Der israelische Ministerpräsident sagte Fox News, „es geht hier nicht darum, mit der Hamas zu verhandeln“, und fügte hinzu: „Ihre Aufgabe ist es, zu verschwinden.“

US-Präsident Donald Trump und der israelische Ministerpräsident Benjamin Netanyahu treffen sich am 29. Dezember 2025 in Mar-a-Lago in Palm Beach, Florida. Bildnachweis: Amos Ben-Gershom/GPO.

(JNS) Der israelische Ministerpräsident Benjamin Netanjahu sagte am Dienstag gegenüber Fox News, dass Fortschritte in Richtung der nächsten Phase der Waffenruhe im Gazastreifen davon abhängen, dass die Hamas entwaffnet wird. Die Weigerung der Terrororganisation, ihre Waffen abzugeben, bezeichnete er als zentrales Hindernis für die Stabilisierung des Gebiets im Jahr 2026.

„Eine neue Regierung in Gaza ist möglich, wenn man die Hamas entwaffnet, denn niemand wird dort hineingehen, solange die Hamas bewaffnet bleibt“, sagte Netanjahu dem Chef-Politikmoderator des Senders, Bret Baier. „Sie würden ihnen eine Kugel in den Hinterkopf jagen – jedem, der Teil einer potenziellen neuen Regierung wäre.“

Netanjahu betonte, dass die nächste Phase des Friedensplans von US-Präsident Donald Trump, der die vollständige Entmilitarisierung Gazas und die Entsendung einer internationalen Stabilisierungsmission vorsieht, wegen der Hamas ins Stocken geraten sei.

Gegenüber Baier sagte der Ministerpräsident, er glaube weiterhin, dass im kommenden Jahr eine andere Zukunft für Gaza möglich sei – „wenn wir die Hamas entwaffnen, sei es durch eine internationale Truppe oder auf andere Weise“. Er fügte hinzu: „Wenn es auf die einfache Art geht, gut.
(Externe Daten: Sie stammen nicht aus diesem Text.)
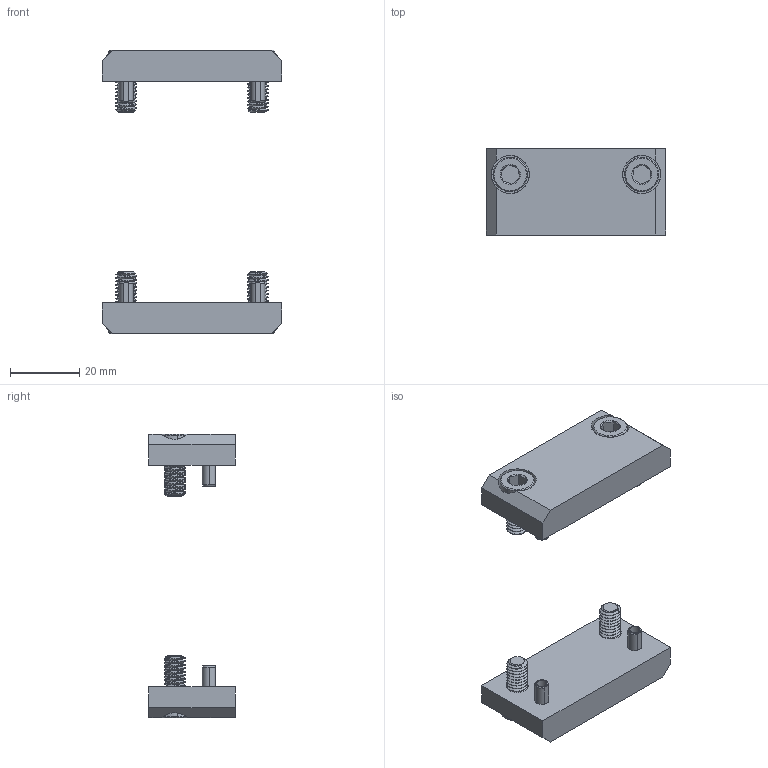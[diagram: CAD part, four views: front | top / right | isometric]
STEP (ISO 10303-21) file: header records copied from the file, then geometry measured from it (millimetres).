
FILE_DESCRIPTION (( 'STEP AP203' ), '1' );
FILE_NAME ('8800837.STEP', '2025-12-08T22:47:10', ( '' ), ( '' ), 'SwSTEP 2.0', 'SolidWorks 2024', '' );
FILE_SCHEMA (( 'CONFIG_CONTROL_DESIGN' ));
Length unit declared in the file: millimetre
Products named in the file (11): 180903-2; 180903; 1803116-3; 8800837; 3201752; 1803116-1; 180903-3; 1803116; 1803116-2; 3201752-1; 180903-1
Assembly tree (10 placements, depth 2):
  8800837
    3201752
    180903
    180903-1
    1803116
    1803116-1
    1803116-2
    180903-2
    1803116-3
    180903-3
    3201752-1
Bounding box: 52 x 25 x 82 mm (x, y, z)
Volume: 22998.8 mm3; surface area: 12529.6 mm2
Topology: 10 solids, 10 shells, 432 faces, 1100 edges, 692 vertices
Faces by surface type: cylinder 252, cone 96, plane 76, bspline 8
Entity records: 19189 total; most frequent: CARTESIAN_POINT 8801, ORIENTED_EDGE 2168, DIRECTION 1730, EDGE_CURVE 1084, VERTEX_POINT 692, AXIS2_PLACEMENT_3D 661, EDGE_LOOP 460, ADVANCED_FACE 432
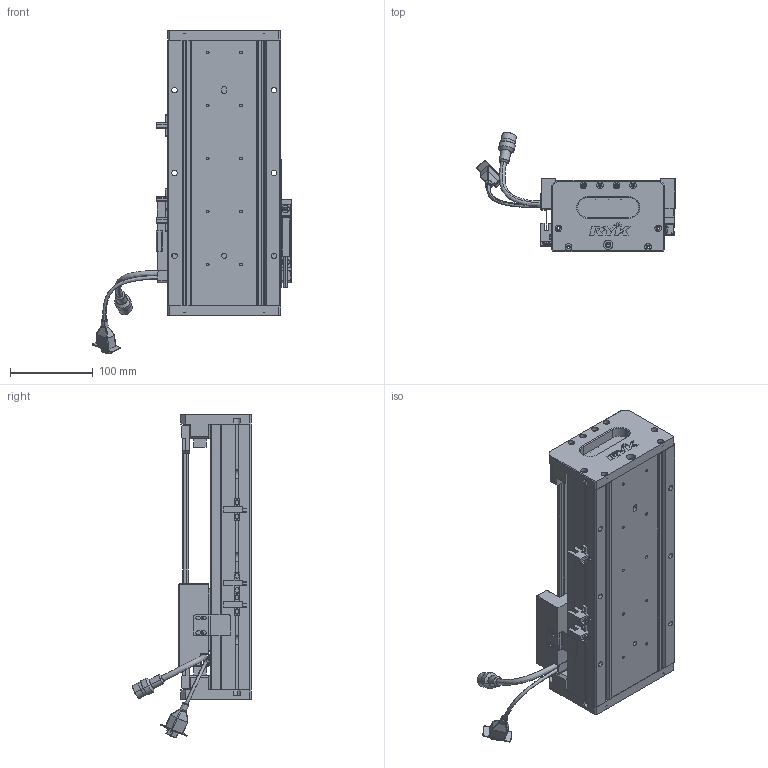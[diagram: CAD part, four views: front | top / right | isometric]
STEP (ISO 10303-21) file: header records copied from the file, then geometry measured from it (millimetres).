
FILE_DESCRIPTION (( 'STEP AP203' ), '1' );
FILE_NAME ('Z1-RY140D-1-L500-B-K.SLDASM_0150.step', '2021-05-17T07:30:13', ( '盈信电脑' ), ( '东莞市道滘镇水果街19号' ), 'SwSTEP 2.0', 'SolidWorks 2016', '' );
FILE_SCHEMA (( 'CONFIG_CONTROL_DESIGN' ));
Length unit declared in the file: millimetre
Products named in the file (36): LABEL-Part-1; SEAL; LABEL; 覜茼ん672; 140雄赽晤鎢ん堤盄; 榋妏寠巭燃_暯_M2_2; HARNESS-Part-1; Z-140詩湍傷裔啣; COVER; Z-RY140感应器672光电感应片; Z1-RY140D-1-L500-B-K.SLDASM_0150; Z1-RY140圉猾敕臏賑輸(21遴); SCREW-M1.6; SCREW-M1.6-1; COVER-Part-1; HOLDER0; SCREW-M1.6-2; HARNESS-Part-2; 080黍杅芛假蚾釱21遴; HARNESS; Z-RY140詩湍奻揤裔; Z-RY140詩湍狟揤裔; 140蚥薯蝶輸; SCREW-M1.7-1; SCREW-M1.7; SCREW-M1.6-3; Z1-RY140-L500詩湍100mm遵_0150; SCALE; SCALE-Part-2; 140-Z-臏賑輸盄裔(21遴); Z1-RY140-L500直线电机模组底座_0150; PBU_SHEET; SCALE-Part-1; PSLH080_PSLF2; SEAL-Part-1; SHIELDPLATE
Assembly tree (41 placements, depth 4):
  Z1-RY140D-1-L500-B-K.SLDASM_0150
    Z1-RY140-L500直线电机模组底座_0150
    Z-RY140感应器672光电感应片
    Z1-RY140圉猾敕臏賑輸(21遴)
    覜茼ん672  x3
    Z1-RY140-L500詩湍100mm遵_0150
    PSLH080_PSLF2
      SCALE
        SCALE-Part-1
        SCALE-Part-2
      HARNESS
        HARNESS-Part-1
        HARNESS-Part-2
      LABEL
        LABEL-Part-1
      COVER
        COVER-Part-1
      SEAL
        SEAL-Part-1
      榋妏寠巭燃_暯_M2_2
      SHIELDPLATE
      SCREW-M1.7
      SCREW-M1.7-1
      PBU_SHEET
      SCREW-M1.6
      SCREW-M1.6-1
      SCREW-M1.6-2
      SCREW-M1.6-3
      HOLDER0
    080黍杅芛假蚾釱21遴
    140-Z-臏賑輸盄裔(21遴)
    Z-140詩湍傷裔啣  x2
    Z-RY140詩湍狟揤裔  x2
    Z-RY140詩湍奻揤裔  x2
    140蚥薯蝶輸  x2
    140雄赽晤鎢ん堤盄
Bounding box: 239.84 x 143.88 x 390.88 mm (x, y, z)
Volume: 1707445.7 mm3; surface area: 466344.9 mm2
Topology: 36 solids, 36 shells, 2368 faces, 6106 edges, 3871 vertices
Faces by surface type: plane 1036, cylinder 988, cone 222, torus 69, bspline 53
Entity records: 65086 total; most frequent: CARTESIAN_POINT 14957, DIRECTION 9806, ORIENTED_EDGE 9460, EDGE_CURVE 4730, AXIS2_PLACEMENT_3D 3552, VERTEX_POINT 3039, VECTOR 2702, LINE 2702

Und wenn nicht, dann auf eine andere.“

Die palästinensische Terrororganisation, die bei ihrem grenzüberschreitenden Angriff am 7. Oktober 2023 rund 1.200 Menschen – überwiegend jüdische Zivilisten – ermordete, verfüge weiterhin über etwa 20.000 Kämpfer und 60.000 Gewehre, erklärte Netanjahu.

„Das bedeutet Entwaffnung – all diese Gewehre wegnehmen und die Terrortunnel zerstören, die sie haben: immer noch Hunderte Kilometer an Terrortunneln“, sagte der Ministerpräsident.

Nach Angaben Netanjahus setzt die Hamas ihre Waffen nicht nur gegen den jüdischen Staat ein, sondern auch zur Einschüchterung und Ermordung von Palästinensern, die sich gegen die Fortsetzung ihrer Herrschaft in Gaza stellen. Solange die Hamas bewaffnet bleibe, so betonte er, könne kein alternatives ziviles Gremium dort arbeiten.

Berichte über Spannungen mit den Vereinigten Staaten hinsichtlich des Tempos der Verhandlungen oder der israelischen Maßnahmen seit Inkrafttreten der Waffenruhe am 10. Oktober wies Netanjahu zurück. Er sagte, er und Trump teilten dieselbe Sicht auf die Hamas.

„Er ist direkt zum Kern der Sache gekommen“, sagte Netanjahu über sein Treffen mit Trump am Montag in dessen Anwesen Mar-a-Lago in Palm Beach und fügte hinzu, der US-Präsident verstehe, dass „diese Terroristen versuchen, uns zu töten“.

Der Hamas-Führer Khaled Maschaal wiederholte am 6. Dezember seine Forderungen nach der Zerstörung Israels und wies die von den USA und den Vereinten Nationen unterstützten Forderungen zurück, die vom Iran unterstützte Terrororganisation zu entwaffnen und den Gazastreifen zu entmilitarisieren.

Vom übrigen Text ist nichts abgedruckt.